第8話

 阪原の元に遣いが来たのは秋の暮れであった。

 


「駿府……」


「如何にも」


 書状を持った裃の役人が阪原を見据え、小さく唸った。


 阪原は震え上がった。

 当時の駿府城は天領である。そこからの報せとあれば余程の事態。身に覚えといえば、あの日伊勢を裏切った事ぐらいだが、左様な小事ならば奉行所から役人がくるはずである。幕府直轄の城からわざわざ文など寄越すはずがない。それにもうあれは過去の話である。わざわざ蒸し返されるとは考え難い。では、いったい何事か……


「では読み上げる……」


 うなずく阪原は息を呑ち、役人から発せられる声に耳を傾けた。

 淡々と読まれる書状の内容は、簡単にいえばこのようなものであった


 天下無双と謳われる千葉一心流の業前を見たい。相手を用意した故、駿府の白砂にて立会いを求める。また、これは真剣を用いて行う。

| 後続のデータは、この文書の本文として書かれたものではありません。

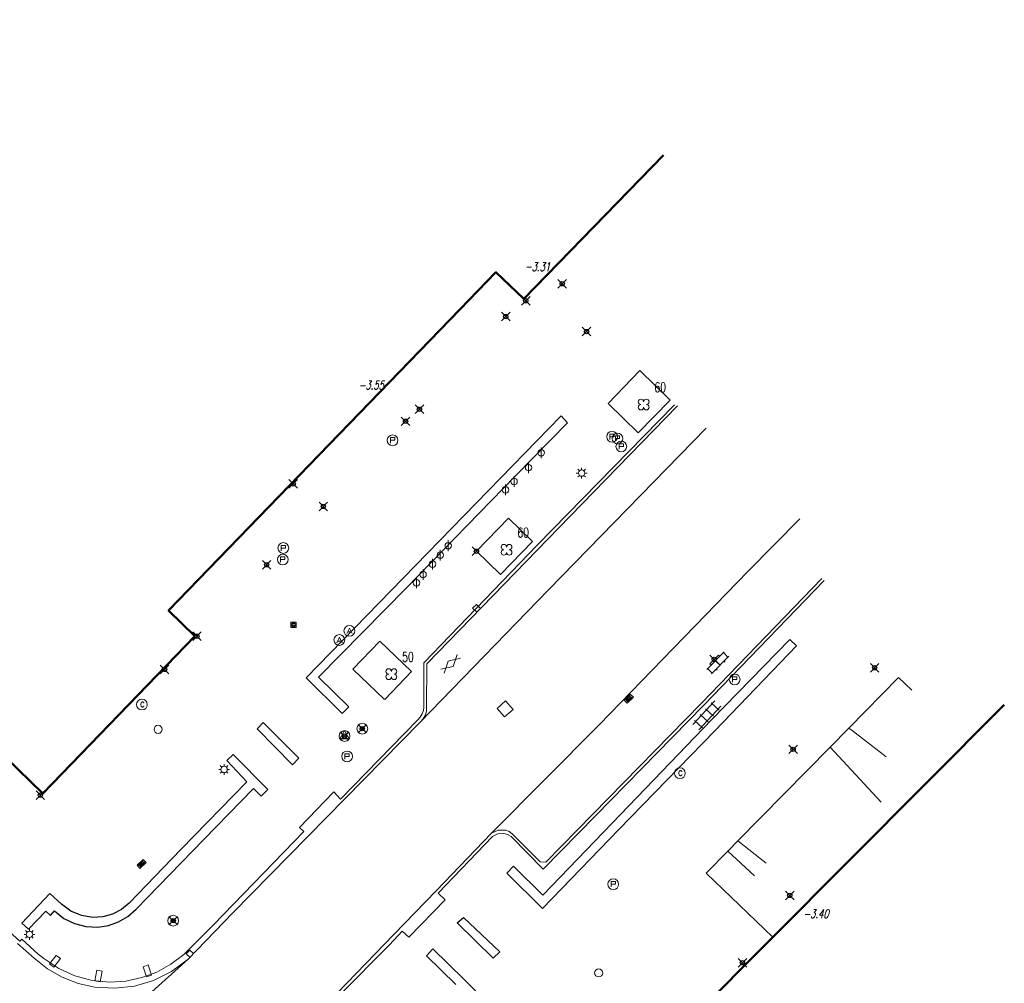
# Model space of a CAD drawing. Header units: metres. Extents: x 113132 to 113925, y 483082 to 483769.
# Tile 53 of 54: x 113676 to 113721, y 483350 to 483395. Entities that reach past the tile are written whole.
import ezdxf
from ezdxf.enums import TextEntityAlignment as Align

# ---------------------------------------------------------------- set-up
doc = ezdxf.new("R2010")
doc.units = ezdxf.units.M
doc.header["$PDMODE"] = 35
doc.header["$PDSIZE"] = 0.2
doc.layers.get('0').update_dxf_attribs({"linetype": 'CONTINUOUS', "lineweight": 18})
doc.layers.add('$detailpunten', color=4, linetype='CONTINUOUS')
for name, color, linetype, lineweight in [('ASFA_asfalt', 7, 'CONTINUOUS', 18), ('AVBK_afvalbak', 7, 'CONTINUOUS', 18), ('BDVK_verkeersbord', 7, 'CONTINUOUS', 18), ('BOOM_boom', 7, 'CONTINUOUS', 18), ('BRKR_brandkraan', 7, 'CONTINUOUS', 18), ('BSBL_Beton_schampblok', 7, 'CONTINUOUS', 18), ('DRPL_dorpelhoogte', 6, 'CONTINUOUS', 18), ('FTSR_fietsenrek', 7, 'CONTINUOUS', 18), ('GHGB_gevel_hoofdgebouw', 1, 'CONTINUOUS', 50), ('GSAF_gasafsluiter', 7, 'CONTINUOUS', 18), ('KASF_kant_asfalt', 7, 'CONTINUOUS', 18), ('KKLI_kant_klinkers', 7, 'CONTINUOUS', 18), ('KLIN_klinkers', 7, 'CONTINUOUS', 18), ('KMUU_muur_kant', 1, 'CONTINUOUS', 25), ('KOLK_straatkolk', 7, 'CONTINUOUS', 18), ('KOVM_kant_overig_materiaal', 6, 'CONTINUOUS', 18), ('KSTC_caikast', 7, 'CONTINUOUS', 18), ('KTEG_kant_tegels', 7, 'CONTINUOUS', 18), ('LNTP_lantaarnpaal', 7, 'CONTINUOUS', 18), ('PEBU_peilbuis', 7, 'CONTINUOUS', 18), ('PUOP_put_overig', 7, 'CONTINUOUS', 18), ('RPUT_rioolput_inspectieput', 7, 'CONTINUOUS', 18), ('TGLS_tegels', 7, 'CONTINUOUS', 18), ('TKLK_trottoirkolk', 7, 'CONTINUOUS', 18)]:
    doc.layers.add(name, color=color, linetype=linetype, lineweight=lineweight)
doc.layers.add('Defpoints2', color=11, linetype='CONTINUOUS', lineweight=18, plot=False)
doc.styles.add('Romans', font='romans.shx', dxfattribs={"width": 0.7, "height": 2})
doc.styles.get("Standard").update_dxf_attribs({"font": 'romans.shx', "height": 0.9})

# ---------------------------------------------------------------- blocks, each defined once
blk = doc.blocks.new('mvpnt-flat-1')
at = {"layer": '$detailpunten', "linetype": 'Continuous'}
blk.add_point((0, 0), dxfattribs=at)
blk = doc.blocks.new('mvpnt-flat-2')
at = {"layer": '$detailpunten', "linetype": 'Continuous'}
blk.add_point((0, 0), dxfattribs=at)
blk = doc.blocks.new('mvpnt-flat-3')
at = {"layer": '$detailpunten', "linetype": 'Continuous'}
blk.add_point((0, 0), dxfattribs=at)
blk = doc.blocks.new('mvpnt-flat-4')
at = {"layer": '$detailpunten', "linetype": 'Continuous'}
blk.add_point((0, 0), dxfattribs=at)
blk = doc.blocks.new('mvpnt-flat-5')
at = {"layer": '$detailpunten', "linetype": 'Continuous'}
blk.add_point((0, 0), dxfattribs=at)
blk = doc.blocks.new('mvpnt-flat-6')
at = {"layer": '$detailpunten', "linetype": 'Continuous'}
blk.add_point((0, 0), dxfattribs=at)
blk = doc.blocks.new('mvpnt-flat-7')
at = {"layer": '$detailpunten', "linetype": 'Continuous'}
blk.add_point((0, 0), dxfattribs=at)
blk = doc.blocks.new('mvpnt-flat-400')
at = {"layer": '$detailpunten', "linetype": 'Continuous'}
blk.add_point((0, 0), dxfattribs=at)
blk = doc.blocks.new('mvpnt-flat-456')
at = {"layer": '$detailpunten', "linetype": 'Continuous'}
blk.add_point((0, 0), dxfattribs=at)
blk = doc.blocks.new('mvpnt-flat-457')
at = {"layer": '$detailpunten', "linetype": 'Continuous'}
blk.add_point((0, 0), dxfattribs=at)
blk = doc.blocks.new('mvpnt-flat-458')
at = {"layer": '$detailpunten', "linetype": 'Continuous'}
blk.add_point((0, 0), dxfattribs=at)
blk = doc.blocks.new('mvpnt-flat-459')
at = {"layer": '$detailpunten', "linetype": 'Continuous'}
blk.add_point((0, 0), dxfattribs=at)
blk = doc.blocks.new('mvpnt-flat-460')
at = {"layer": '$detailpunten', "linetype": 'Continuous'}
blk.add_point((0, 0), dxfattribs=at)
blk = doc.blocks.new('mvpnt-flat-461')
at = {"layer": '$detailpunten', "linetype": 'Continuous'}
blk.add_point((0, 0), dxfattribs=at)
blk = doc.blocks.new('mvpnt-flat-462')
at = {"layer": '$detailpunten', "linetype": 'Continuous'}
blk.add_point((0, 0), dxfattribs=at)
blk = doc.blocks.new('mvpnt-flat-463')
at = {"layer": '$detailpunten', "linetype": 'Continuous'}
blk.add_point((0, 0), dxfattribs=at)
blk = doc.blocks.new('mvpnt-flat-464')
at = {"layer": '$detailpunten', "linetype": 'Continuous'}
blk.add_point((0, 0), dxfattribs=at)
blk = doc.blocks.new('mvpnt-flat-465')
at = {"layer": '$detailpunten', "linetype": 'Continuous'}
blk.add_point((0, 0), dxfattribs=at)
blk = doc.blocks.new('mvpnt-flat-467')
at = {"layer": '$detailpunten', "linetype": 'Continuous'}
blk.add_point((0, 0), dxfattribs=at)
blk = doc.blocks.new('mvpnt-flat-476')
at = {"layer": '$detailpunten', "linetype": 'Continuous'}
blk.add_point((0, 0), dxfattribs=at)
blk = doc.blocks.new('mvpnt-flat-477')
at = {"layer": '$detailpunten', "linetype": 'Continuous'}
blk.add_point((0, 0), dxfattribs=at)
blk = doc.blocks.new('KSTC-flat-4')
at = {"layer": 'KSTC_caikast'}
blk.add_circle((0, 0), 0.25, dxfattribs=at)
at = {"layer": 'KSTC_caikast', "width": 0.714}
blk.add_text('C', height=0.25, dxfattribs=at).set_placement((0.022, 0.001), align=Align.MIDDLE_CENTER)
blk = doc.blocks.new('PEBU-flat-8')
at = {"layer": 'PEBU_peilbuis'}
blk.add_lwpolyline([(-0.1, 0), (0.1, 0), (0.1, 0.125), (-0.1, 0.125), (-0.1, -0.125)], dxfattribs=at)
blk.add_circle((0, 0), 0.25, dxfattribs=at)
blk = doc.blocks.new('PUOP-flat-6')
at = {"layer": 'PUOP_put_overig'}
blk.add_circle((0, 0), 0.188, dxfattribs=at)
at = {"layer": 'PUOP_put_overig', "style": 'Romans', "width": 0.7}
blk.add_attdef('OMSCHRIJVING', (0.3, 0.3), '', height=0.45, dxfattribs=at)
blk = doc.blocks.new('PEBU-flat-9')
at = {"layer": 'PEBU_peilbuis'}
blk.add_lwpolyline([(-0.1, 0), (0.1, 0), (0.1, 0.125), (-0.1, 0.125), (-0.1, -0.125)], dxfattribs=at)
blk.add_circle((0, 0), 0.25, dxfattribs=at)
blk = doc.blocks.new('TGLS-flat-17')
at = {"layer": 'TGLS_tegels'}
for points in [[(0.375, 0.676), (-0.649, -0.42)], [(0.567, 0.241), (0.201, 0.582)], [(0.649, 0.42), (-0.375, -0.676)], [(-0.311, 0.033), (0.055, -0.308)], [(-0.055, 0.308), (0.311, -0.033)], [(-0.567, -0.241), (-0.201, -0.582)]]:
    blk.add_lwpolyline(points, dxfattribs=at)
blk = doc.blocks.new('KLIN-flat-15')
at = {"layer": 'KLIN_klinkers'}
for p, q in [((-0.347, -0.464), (0.458, 0.357)), ((-0.133, -0.674), (0.672, 0.147)), ((0.203, 0.204), (0.256, 0.152)), ((0.423, 0.321), (0.637, 0.111)), ((-0.312, -0.429), (-0.098, -0.639)), ((-0.199, -0.206), (-0.146, -0.259)), ((0.055, -0.054), (0.269, -0.264)), ((0.086, -0.451), (0.14, -0.503)), ((0.453, -0.076), (0.507, -0.129))]:
    blk.add_line(p, q, dxfattribs=at)
blk = doc.blocks.new('KOLK-flat-58')
at = {"layer": 'KOLK_straatkolk'}
for p, q in [((-0.212, -0.072), (0.069, 0.213)), ((0.07, 0.142), (-0.141, -0.072)), ((0.105, 0.107), (-0.105, -0.107)), ((0.141, 0.072), (-0.07, -0.142)), ((0.212, 0.072), (-0.069, -0.213)), ((0.069, 0.213), (0.212, 0.072)), ((-0.069, -0.213), (-0.212, -0.072))]:
    blk.add_line(p, q, dxfattribs=at)
blk = doc.blocks.new('RPUT-flat-27')
at = {"layer": 'RPUT_rioolput_inspectieput'}
for p, q in [((0.018, 0.371), (-0.371, 0.018)), ((-0.371, 0.018), (-0.018, -0.371)), ((0.371, -0.018), (0.018, 0.371)), ((-0.018, -0.371), (0.371, -0.018))]:
    blk.add_line(p, q, dxfattribs=at)
blk = doc.blocks.new('ASFA-flat-1')
at = {"layer": 'ASFA_asfalt'}
for p, q in [((-0.124, 0.126), (-0.303, -0.438)), ((-0.124, 0.126), (0.454, 0.252)), ((0.291, 0.431), (0.112, -0.132)), ((-0.466, -0.259), (0.112, -0.132))]:
    blk.add_line(p, q, dxfattribs=at)
blk = doc.blocks.new('PEBU-flat-10')
at = {"layer": 'PEBU_peilbuis'}
blk.add_lwpolyline([(-0.1, 0), (0.1, 0), (0.1, 0.125), (-0.1, 0.125), (-0.1, -0.125)], dxfattribs=at)
blk.add_circle((0, 0), 0.25, dxfattribs=at)
blk = doc.blocks.new('AVBK-flat-11')
at = {"layer": 'AVBK_afvalbak'}
for points in [[(-0.125, -0.125), (0, 0.125), (0.125, -0.125)], [(-0.087, -0.05), (0.087, -0.05)]]:
    blk.add_lwpolyline(points, dxfattribs=at)
for start, end in [(0, 180), (180, 0)]:
    blk.add_arc((0, 0), 0.25, start, end, dxfattribs=at)
blk = doc.blocks.new('AVBK-flat-12')
at = {"layer": 'AVBK_afvalbak'}
for points in [[(-0.125, -0.125), (0, 0.125), (0.125, -0.125)], [(-0.087, -0.05), (0.087, -0.05)]]:
    blk.add_lwpolyline(points, dxfattribs=at)
for start, end in [(0, 180), (180, 0)]:
    blk.add_arc((0, 0), 0.25, start, end, dxfattribs=at)
blk = doc.blocks.new('GSAF-flat-22')
at = {"layer": 'GSAF_gasafsluiter'}
for points in [[(0.125, -0.125), (0.125, 0.125), (-0.125, 0.125), (-0.125, -0.125)], [(0, -0.125), (0.125, 0), (0, 0.125), (-0.125, 0)]]:
    blk.add_lwpolyline(points, close=True, dxfattribs=at)
at = {"layer": 'GSAF_gasafsluiter', "style": 'Romans', "width": 0.7}
blk.add_text('G', height=0.15, dxfattribs=at).set_placement((-0.058, -0.071))
blk = doc.blocks.new('PEBU-flat-11')
at = {"layer": 'PEBU_peilbuis'}
blk.add_lwpolyline([(-0.1, 0), (0.1, 0), (0.1, 0.125), (-0.1, 0.125), (-0.1, -0.125)], dxfattribs=at)
blk.add_circle((0, 0), 0.25, dxfattribs=at)
blk = doc.blocks.new('PEBU-flat-12')
at = {"layer": 'PEBU_peilbuis'}
blk.add_lwpolyline([(-0.1, 0), (0.1, 0), (0.1, 0.125), (-0.1, 0.125), (-0.1, -0.125)], dxfattribs=at)
blk.add_circle((0, 0), 0.25, dxfattribs=at)
blk = doc.blocks.new('PEBU-flat-13')
at = {"layer": 'PEBU_peilbuis'}
blk.add_lwpolyline([(-0.1, 0), (0.1, 0), (0.1, 0.125), (-0.1, 0.125), (-0.1, -0.125)], dxfattribs=at)
blk.add_circle((0, 0), 0.25, dxfattribs=at)
blk = doc.blocks.new('FTSR-flat-25')
at = {"layer": 'FTSR_fietsenrek'}
blk.add_lwpolyline([(0, -0.25), (0, 0.25)], dxfattribs=at)
blk.add_circle((0, 0), 0.15, dxfattribs=at)
blk = doc.blocks.new('FTSR-flat-26')
at = {"layer": 'FTSR_fietsenrek'}
blk.add_lwpolyline([(0, -0.25), (0, 0.25)], dxfattribs=at)
blk.add_circle((0, 0), 0.15, dxfattribs=at)
blk = doc.blocks.new('FTSR-flat-27')
at = {"layer": 'FTSR_fietsenrek'}
blk.add_lwpolyline([(0, -0.25), (0, 0.25)], dxfattribs=at)
blk.add_circle((0, 0), 0.15, dxfattribs=at)
blk = doc.blocks.new('FTSR-flat-28')
at = {"layer": 'FTSR_fietsenrek'}
blk.add_lwpolyline([(0, -0.25), (0, 0.25)], dxfattribs=at)
blk.add_circle((0, 0), 0.15, dxfattribs=at)
blk = doc.blocks.new('FTSR-flat-29')
at = {"layer": 'FTSR_fietsenrek'}
blk.add_lwpolyline([(0, -0.25), (0, 0.25)], dxfattribs=at)
blk.add_circle((0, 0), 0.15, dxfattribs=at)
blk = doc.blocks.new('FTSR-flat-30')
at = {"layer": 'FTSR_fietsenrek'}
blk.add_lwpolyline([(0, -0.25), (0, 0.25)], dxfattribs=at)
blk.add_circle((0, 0), 0.15, dxfattribs=at)
blk = doc.blocks.new('FTSR-flat-31')
at = {"layer": 'FTSR_fietsenrek'}
blk.add_lwpolyline([(0, -0.25), (0, 0.25)], dxfattribs=at)
blk.add_circle((0, 0), 0.15, dxfattribs=at)
blk = doc.blocks.new('FTSR-flat-32')
at = {"layer": 'FTSR_fietsenrek'}
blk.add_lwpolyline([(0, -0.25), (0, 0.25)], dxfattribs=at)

「いかがかな?」と、変わらぬ顔で役人が問うと、阪原は「いかがもなにも……」と渋とした態度を見せた。

 しかし内心は違う。阪原の胸の中では、今すぐにでも支度をし、早馬を走らせ駿府へと参上したいと思っていた。

 だが、このご時世に真剣での試合とは随分な沙汰。尾張への義理があるし、何より対面がある。如何に将軍家所縁の地といえど他藩は他藩。そこに命ぜられ、「喜んで」と二つ返事を返すはあまりに薄情である。素ぶりだけでも、意地と、尾張への忠義を見せなくてはならなかった。


「案じなさるな。其処許はただ千葉一心流を振るえばよいだけ」


 察したかのように役人がそう口にする。というより、この一連は形式のようなものであり、言わば茶番なのであるが、建前で生きる人間にとってなくてはならぬ儀式なのである。


「……で、あれば、是非もなし、恐れ多くも将軍家のお膝元に招かれたとあらば、参らぬわけには行きませぬ」


 ここでようやく阪原が笑みを見せる。だが、笑い慣れぬ為かそれは歪な微笑となって現れ、周囲の者達は些か困惑したように咳払いなどをして場を持たせた。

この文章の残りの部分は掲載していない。